§ **Action item**
Please state how many lines of the material contain "with", giving nothing but the number.

§ **Data to process**
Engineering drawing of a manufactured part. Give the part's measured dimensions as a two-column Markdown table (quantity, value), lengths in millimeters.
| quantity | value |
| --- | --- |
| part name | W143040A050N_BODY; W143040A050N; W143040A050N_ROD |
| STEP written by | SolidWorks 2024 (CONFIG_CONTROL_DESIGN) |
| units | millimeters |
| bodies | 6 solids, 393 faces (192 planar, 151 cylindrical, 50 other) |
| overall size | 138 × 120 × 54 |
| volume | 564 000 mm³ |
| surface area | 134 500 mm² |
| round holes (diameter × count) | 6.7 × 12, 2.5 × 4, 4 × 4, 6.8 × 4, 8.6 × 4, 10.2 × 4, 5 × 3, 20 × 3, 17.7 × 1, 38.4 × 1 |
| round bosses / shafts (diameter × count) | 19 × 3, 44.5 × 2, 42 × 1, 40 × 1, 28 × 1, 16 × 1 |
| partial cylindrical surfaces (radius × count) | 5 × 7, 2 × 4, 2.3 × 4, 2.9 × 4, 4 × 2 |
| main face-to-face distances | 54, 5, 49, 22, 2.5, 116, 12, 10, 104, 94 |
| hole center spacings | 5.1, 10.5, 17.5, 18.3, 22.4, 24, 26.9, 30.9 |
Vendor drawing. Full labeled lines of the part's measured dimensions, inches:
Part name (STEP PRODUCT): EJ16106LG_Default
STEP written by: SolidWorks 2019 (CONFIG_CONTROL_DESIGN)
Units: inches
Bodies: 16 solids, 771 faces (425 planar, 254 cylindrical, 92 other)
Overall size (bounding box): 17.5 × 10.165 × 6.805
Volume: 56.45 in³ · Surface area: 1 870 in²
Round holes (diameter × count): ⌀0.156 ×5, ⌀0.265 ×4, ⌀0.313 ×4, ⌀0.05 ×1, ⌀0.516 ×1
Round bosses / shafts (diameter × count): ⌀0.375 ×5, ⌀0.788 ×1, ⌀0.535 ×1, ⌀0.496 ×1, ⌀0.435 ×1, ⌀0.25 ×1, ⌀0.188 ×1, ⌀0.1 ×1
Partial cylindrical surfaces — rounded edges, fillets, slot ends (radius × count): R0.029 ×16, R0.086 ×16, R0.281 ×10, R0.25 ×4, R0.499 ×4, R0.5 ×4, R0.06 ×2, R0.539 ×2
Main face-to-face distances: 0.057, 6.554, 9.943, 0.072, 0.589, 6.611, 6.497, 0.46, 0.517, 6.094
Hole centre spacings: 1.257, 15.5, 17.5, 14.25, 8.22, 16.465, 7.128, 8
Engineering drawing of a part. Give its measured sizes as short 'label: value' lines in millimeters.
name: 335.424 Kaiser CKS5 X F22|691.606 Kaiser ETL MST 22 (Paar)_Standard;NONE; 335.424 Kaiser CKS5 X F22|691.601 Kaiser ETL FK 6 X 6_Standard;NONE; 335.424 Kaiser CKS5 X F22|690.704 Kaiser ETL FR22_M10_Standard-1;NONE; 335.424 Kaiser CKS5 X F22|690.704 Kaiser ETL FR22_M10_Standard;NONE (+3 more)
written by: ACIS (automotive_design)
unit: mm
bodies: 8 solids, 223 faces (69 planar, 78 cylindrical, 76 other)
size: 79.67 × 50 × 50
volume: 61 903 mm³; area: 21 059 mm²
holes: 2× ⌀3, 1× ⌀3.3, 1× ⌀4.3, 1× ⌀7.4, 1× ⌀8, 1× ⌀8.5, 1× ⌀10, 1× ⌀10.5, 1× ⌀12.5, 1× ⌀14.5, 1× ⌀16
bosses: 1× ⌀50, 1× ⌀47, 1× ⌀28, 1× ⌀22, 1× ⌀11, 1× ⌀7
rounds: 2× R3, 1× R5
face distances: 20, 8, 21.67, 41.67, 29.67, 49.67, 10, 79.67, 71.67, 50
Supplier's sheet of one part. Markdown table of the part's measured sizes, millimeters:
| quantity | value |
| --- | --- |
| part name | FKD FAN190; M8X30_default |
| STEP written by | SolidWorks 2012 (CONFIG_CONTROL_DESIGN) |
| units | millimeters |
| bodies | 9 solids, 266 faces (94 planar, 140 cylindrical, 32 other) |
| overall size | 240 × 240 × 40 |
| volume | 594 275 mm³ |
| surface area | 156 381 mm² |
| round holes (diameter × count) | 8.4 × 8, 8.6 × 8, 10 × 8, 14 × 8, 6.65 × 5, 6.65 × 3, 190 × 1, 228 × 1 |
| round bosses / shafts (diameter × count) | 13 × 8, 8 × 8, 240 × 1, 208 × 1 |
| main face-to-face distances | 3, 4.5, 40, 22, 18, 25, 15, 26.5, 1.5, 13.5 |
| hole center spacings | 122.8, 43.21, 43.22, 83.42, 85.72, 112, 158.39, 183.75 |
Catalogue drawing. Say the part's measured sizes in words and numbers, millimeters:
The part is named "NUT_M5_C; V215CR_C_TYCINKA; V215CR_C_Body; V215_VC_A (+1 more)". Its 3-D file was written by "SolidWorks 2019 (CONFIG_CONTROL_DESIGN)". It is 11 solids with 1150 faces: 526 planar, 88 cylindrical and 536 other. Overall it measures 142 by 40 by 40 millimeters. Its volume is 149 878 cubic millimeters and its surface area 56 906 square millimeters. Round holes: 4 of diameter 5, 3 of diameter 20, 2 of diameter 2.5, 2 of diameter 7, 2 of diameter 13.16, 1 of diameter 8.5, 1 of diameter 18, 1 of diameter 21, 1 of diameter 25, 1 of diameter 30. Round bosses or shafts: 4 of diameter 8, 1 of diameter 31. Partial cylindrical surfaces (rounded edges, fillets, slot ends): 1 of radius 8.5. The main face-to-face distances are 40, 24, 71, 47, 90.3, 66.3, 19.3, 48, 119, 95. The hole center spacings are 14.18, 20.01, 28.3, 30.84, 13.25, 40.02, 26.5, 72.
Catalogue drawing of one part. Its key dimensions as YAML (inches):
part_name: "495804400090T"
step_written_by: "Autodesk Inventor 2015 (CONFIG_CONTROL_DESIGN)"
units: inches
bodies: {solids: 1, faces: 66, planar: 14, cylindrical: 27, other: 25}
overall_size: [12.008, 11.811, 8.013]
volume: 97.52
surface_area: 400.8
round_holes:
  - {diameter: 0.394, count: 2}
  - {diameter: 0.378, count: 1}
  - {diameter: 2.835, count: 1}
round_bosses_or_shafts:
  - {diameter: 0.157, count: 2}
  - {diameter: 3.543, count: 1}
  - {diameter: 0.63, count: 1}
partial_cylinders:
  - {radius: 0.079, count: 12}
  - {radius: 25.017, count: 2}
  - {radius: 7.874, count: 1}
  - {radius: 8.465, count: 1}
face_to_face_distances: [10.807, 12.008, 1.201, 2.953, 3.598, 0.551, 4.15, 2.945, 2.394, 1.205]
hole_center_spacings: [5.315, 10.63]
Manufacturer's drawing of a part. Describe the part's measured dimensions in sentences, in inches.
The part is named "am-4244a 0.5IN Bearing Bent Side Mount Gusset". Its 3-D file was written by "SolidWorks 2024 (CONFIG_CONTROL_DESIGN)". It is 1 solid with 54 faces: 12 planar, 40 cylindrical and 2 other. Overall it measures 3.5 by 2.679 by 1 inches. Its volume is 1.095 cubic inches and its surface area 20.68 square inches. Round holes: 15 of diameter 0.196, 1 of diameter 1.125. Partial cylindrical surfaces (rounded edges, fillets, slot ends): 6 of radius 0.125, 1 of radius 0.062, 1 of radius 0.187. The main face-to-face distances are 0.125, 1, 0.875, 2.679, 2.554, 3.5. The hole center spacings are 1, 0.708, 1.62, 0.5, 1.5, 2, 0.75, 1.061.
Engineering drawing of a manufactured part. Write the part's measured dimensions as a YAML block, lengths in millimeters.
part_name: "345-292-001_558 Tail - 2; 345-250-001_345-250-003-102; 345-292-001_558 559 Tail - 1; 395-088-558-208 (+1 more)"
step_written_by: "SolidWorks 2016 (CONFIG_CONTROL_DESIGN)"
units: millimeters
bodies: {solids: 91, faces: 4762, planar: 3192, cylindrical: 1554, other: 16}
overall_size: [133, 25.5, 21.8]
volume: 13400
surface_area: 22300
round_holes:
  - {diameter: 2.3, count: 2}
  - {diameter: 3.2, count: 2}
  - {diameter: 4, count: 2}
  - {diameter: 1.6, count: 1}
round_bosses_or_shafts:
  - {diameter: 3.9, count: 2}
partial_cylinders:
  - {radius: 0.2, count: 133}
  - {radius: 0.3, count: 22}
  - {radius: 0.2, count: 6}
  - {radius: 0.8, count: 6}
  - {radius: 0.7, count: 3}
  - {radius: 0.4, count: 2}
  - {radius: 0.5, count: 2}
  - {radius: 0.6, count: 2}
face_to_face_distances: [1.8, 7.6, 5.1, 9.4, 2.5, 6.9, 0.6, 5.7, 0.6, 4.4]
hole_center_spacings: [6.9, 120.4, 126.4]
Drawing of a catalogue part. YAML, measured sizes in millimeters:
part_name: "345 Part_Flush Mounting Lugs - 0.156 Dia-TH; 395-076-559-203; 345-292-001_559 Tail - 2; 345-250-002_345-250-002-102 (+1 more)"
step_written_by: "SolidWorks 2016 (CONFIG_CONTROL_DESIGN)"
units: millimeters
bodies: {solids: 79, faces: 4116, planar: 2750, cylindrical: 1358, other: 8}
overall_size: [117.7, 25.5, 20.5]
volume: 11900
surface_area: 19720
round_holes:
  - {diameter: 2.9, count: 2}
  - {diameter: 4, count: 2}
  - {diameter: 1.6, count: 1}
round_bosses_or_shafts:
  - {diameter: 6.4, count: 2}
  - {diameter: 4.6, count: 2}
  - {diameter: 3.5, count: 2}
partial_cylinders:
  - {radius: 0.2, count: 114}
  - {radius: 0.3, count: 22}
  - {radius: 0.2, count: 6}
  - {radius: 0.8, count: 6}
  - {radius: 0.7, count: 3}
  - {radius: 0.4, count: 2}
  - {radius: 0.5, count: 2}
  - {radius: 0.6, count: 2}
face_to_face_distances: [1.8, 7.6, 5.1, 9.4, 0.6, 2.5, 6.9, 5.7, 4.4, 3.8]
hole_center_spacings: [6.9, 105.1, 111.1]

§ **Result for this exercise**
2